Current graduates stop paying 30 years after they become eligible to repay; the lucky ones who took out loans between 2006/7 and 2012/13 stop paying even earlier. That, combined with the fact that the new loans charge interest rates 3 per cent above inflation – currently an eye-watering 6.6 per cent – means that a sizeable proportion of graduates will never pay off their loans. If you earn the UK average wage, of £26,500, from the year you graduate (and then get pay rises exactly in line with inflation), you will never pay it off. In fact, a few back-of-the-envelope scribbles show you need to earn almost £30,000 a year before you even start paying it down quicker than the interest increases it. And you’d need a wage of over £36,000 before you actually pay it off in the 30 year time limit.

Of course, most people’s lives involve them earning more the older they get, so the rough calculations don’t bear all that much relation to the real world. But it’s enough to point out one thing: lowering the threshold at which people start “repaying” their loans doesn’t mean they pay it off earlier; it means they pay more. That graduate on £26,500 for life would pay off a little under £15,000 of their £27,000 loan if the threshold was at £21,000, but they’d pay off almost £23,000 over the following 30 years if the threshold was dropped back down to £18,000.
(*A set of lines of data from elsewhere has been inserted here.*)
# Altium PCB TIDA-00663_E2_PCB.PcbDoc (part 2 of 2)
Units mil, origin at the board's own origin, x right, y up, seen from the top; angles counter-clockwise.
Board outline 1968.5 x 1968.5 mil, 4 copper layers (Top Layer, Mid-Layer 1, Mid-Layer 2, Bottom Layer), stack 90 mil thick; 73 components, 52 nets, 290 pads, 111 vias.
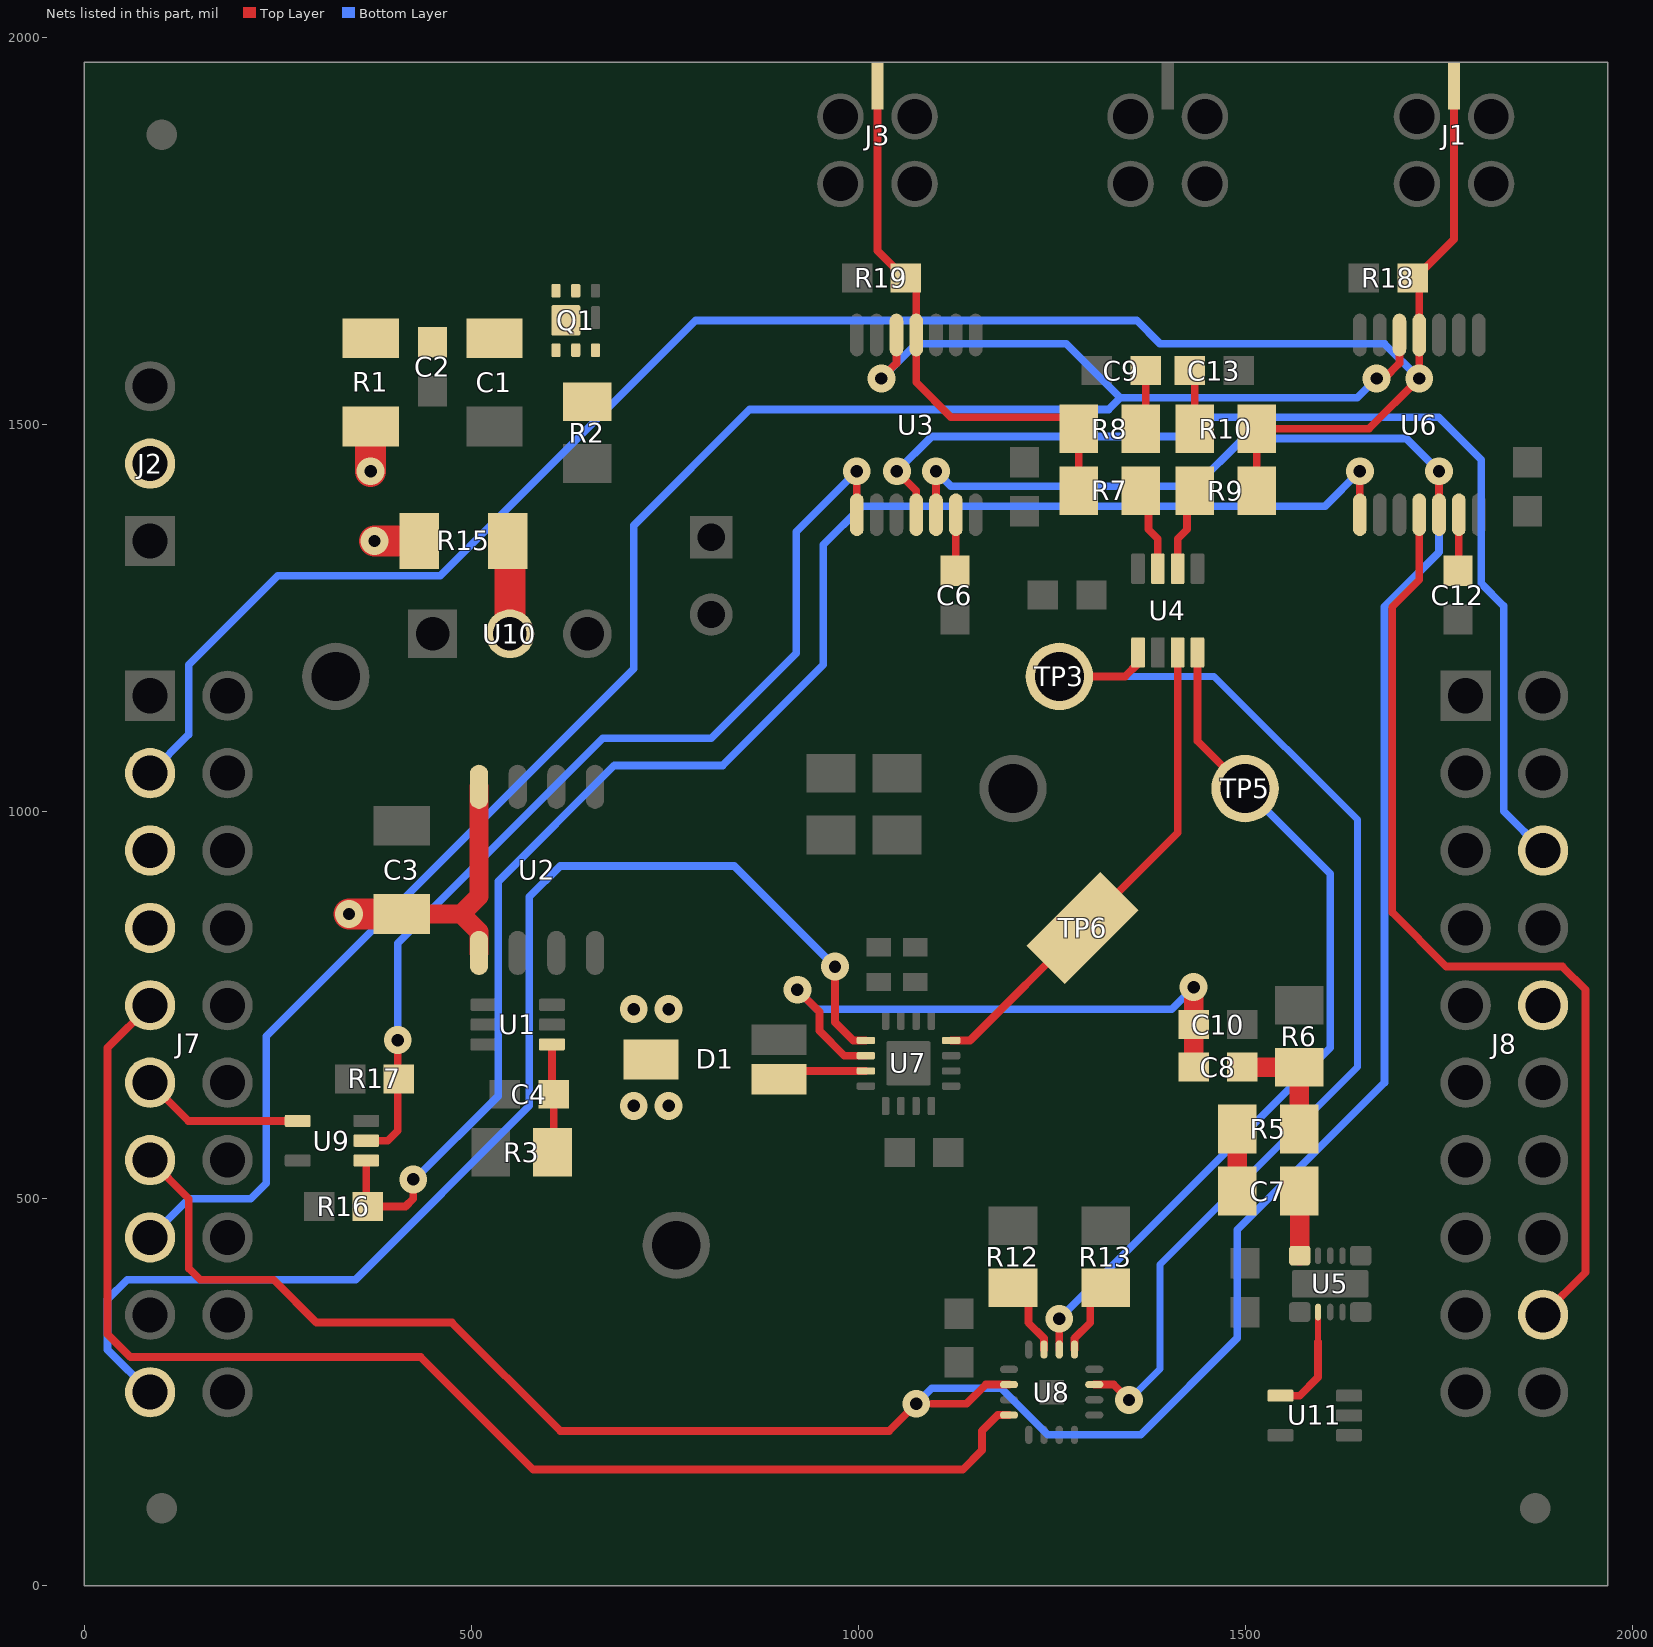
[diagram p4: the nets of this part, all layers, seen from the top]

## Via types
v1: diameter 36, hole 16, Top Layer to Bottom Layer, tented both sides, 84 vias
v2: diameter 19.68, hole 7.87, Top Layer to Bottom Layer, 25 vias
v3: diameter 19.68, hole 7.87, Top Layer to Bottom Layer, tented top, 1 vias
v4: diameter 36, hole 16, Top Layer to Bottom Layer, 1 vias

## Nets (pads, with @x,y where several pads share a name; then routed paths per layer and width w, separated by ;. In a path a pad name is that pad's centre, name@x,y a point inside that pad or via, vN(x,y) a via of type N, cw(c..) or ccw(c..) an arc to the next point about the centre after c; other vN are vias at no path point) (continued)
LASER_ON_THRESHOLD: TP3.1 U4.1 U8.11 | length 1469.7
  Top Layer w10: TP3.1@1300,1175 1345,1175 1361.61,1191.61 U4.1@1361.61,1205.87 ; U8.11@1305.12,259.84 1330.16,259.84 v1(1350,240)
  Bottom Layer w9: TP3.1@1260,1175 1460,1175 1645,990 1645,670 1390,415 1390,280 v1(1350,240)
NetC1_1: C1.1 C2.1 Q1.1 Q1.2 Q1.5 Q1.6 Q1.8 R1.1
NetC4_1: C4.1 R3.2 U1.1 | length 140.9
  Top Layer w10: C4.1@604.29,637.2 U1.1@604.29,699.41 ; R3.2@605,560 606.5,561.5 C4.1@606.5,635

All of which is to say that for a vast number of graduates, the “student loan repayment” is a tax, plain and simple. And that’s OK (sort of): if you’re going to make people pay for education, doing it through a tax isn’t much different to doing it through a warped state-backed loan. But it does mean that mucking around with the thresholds like this isn’t “hastening repayment”, it’s a tax increase on graduates.

The idea of a “generational conflict” comes up relatively frequently around conflicts like this, and one reason why the young are often on the losing side is that older Brits have the language of expectations and promises on their side; so it’s “fair” to cut benefits in a way pensions never would be, because the elderly were promised those pensions.

But this is one where the promises were made to the young. When today’s students went to university, they were promised that they would pay back their loans with income over £21,000, and that that would be uprated with inflation. Breaking that promise to deal with the fact that the government didn’t cost its higher education plans properly would be disastrous.

How are vice-chancellors dealing with that? Subterfuge:

The head of one modern university says: “There is quite a lot of evidence that students and parents don’t really understand the new financial system, so you could play around with it quite easily.”

If there’s a better justification for teaching yourself the basics of finance, I haven’t seen one.